_Your objective_: Give again the line that contains "1.14829 (stored number, unit not read)" and every line after it to the end of the records. Keep them exactly as they are and add nothing.

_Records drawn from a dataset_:
---

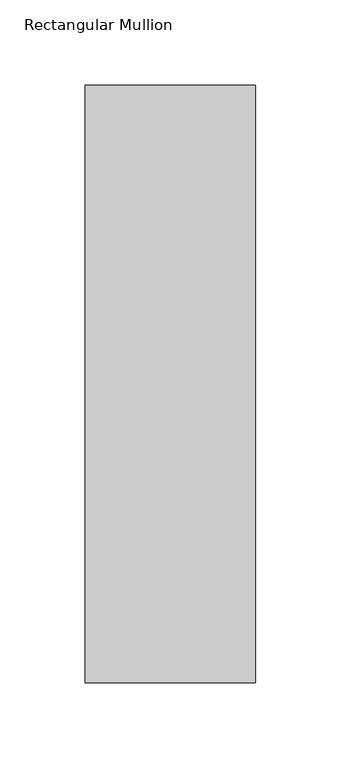
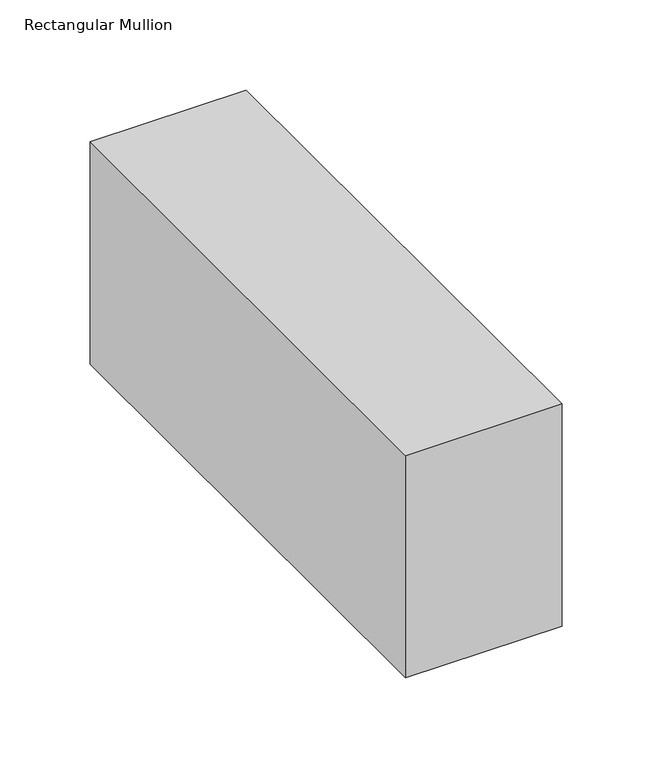
"""IFC4 building model written with IfcOpenShell, lengths in millimetres: member geometry, Rectangular Mullion : WWm-100x350-100mmOffset."""

from ifc_helpers import new_model, si_unit, frame, origin, place, context, project, spatial, polyline, outline, extrude, source, transform, mapped, element, save


def rectangular_mullion_f9ad5075(model_context):
    return source(origin(), model_context, "Body", "SweptSolid", [
        extrude(outline(polyline([(0.0, 175.0), (0.0, -175.0), (-100.0, -175.0), (-100.0, 175.0), (0.0, 175.0)])), frame((0.0, 0.0, -150.381466), z_axis=(0.0, 0.0, 1.0), x_axis=(1.0, 0.0, 0.0)), (0.0, 0.0, 1.0), 150.381466),
    ])


if __name__ == "__main__":
    model = new_model("IFC4")
    model_context = context("Model", 3, world=origin())
    ifc_project = project(units=[si_unit("LENGTHUNIT", "METRE", prefix="MILLI")], contexts=[model_context])
    site = spatial("IfcSite", under=ifc_project)
    building = spatial("IfcBuilding", under=site)
    placement = place(None, origin())
    rectangular_mullion_shape = rectangular_mullion_f9ad5075(model_context)
    element("IfcMember", 1, ObjectType="Rectangular Mullion : WWm-100x350-100mmOffset", at=placement, inside=building, context=model_context, shape_type="MappedRepresentation", body=[
        mapped(rectangular_mullion_shape, transform((0.0, 0.0, 0.0), x_axis=(1.0, 0.0, 0.0), y_axis=(0.0, 1.0, 0.0), z_axis=(0.0, 0.0, 1.0))),
    ])
    save(model, "model.ifc")

# Revit data of these elements
# Type "Rectangular Mullion : WWm-100x350-100mmOffset"
#   built-in parameter 1007304 = 1.14829 (stored number, unit not read)
#   built-in parameter 1007301 = 0.164042 (stored number, unit not read)
#   built-in parameter 1007300 = 0.164042 (stored number, unit not read)
# Element 1 (IfcMember, "Rectangular Mullion : WWm-100x350-100mmOffset")
#   Materials on its faces: "WW-EC-RGB-Mullion"
# Materials
#   "WW-EC-RGB-Mullion": class "Generic", colour RGB 255 255 255, transparency 0, Comments = "If region requests black mullions, switch asset color to RGB 25-25-25", Description = "Generic Color", Cost = 0

---

_Exercise output_:
#   built-in parameter 1007304 = 1.14829 (stored number, unit not read)
#   built-in parameter 1007301 = 0.164042 (stored number, unit not read)
#   built-in parameter 1007300 = 0.164042 (stored number, unit not read)
# Element 1 (IfcMember, "Rectangular Mullion : WWm-100x350-100mmOffset")
#   Materials on its faces: "WW-EC-RGB-Mullion"
# Materials
#   "WW-EC-RGB-Mullion": class "Generic", colour RGB 255 255 255, transparency 0, Comments = "If region requests black mullions, switch asset color to RGB 25-25-25", Description = "Generic Color", Cost = 0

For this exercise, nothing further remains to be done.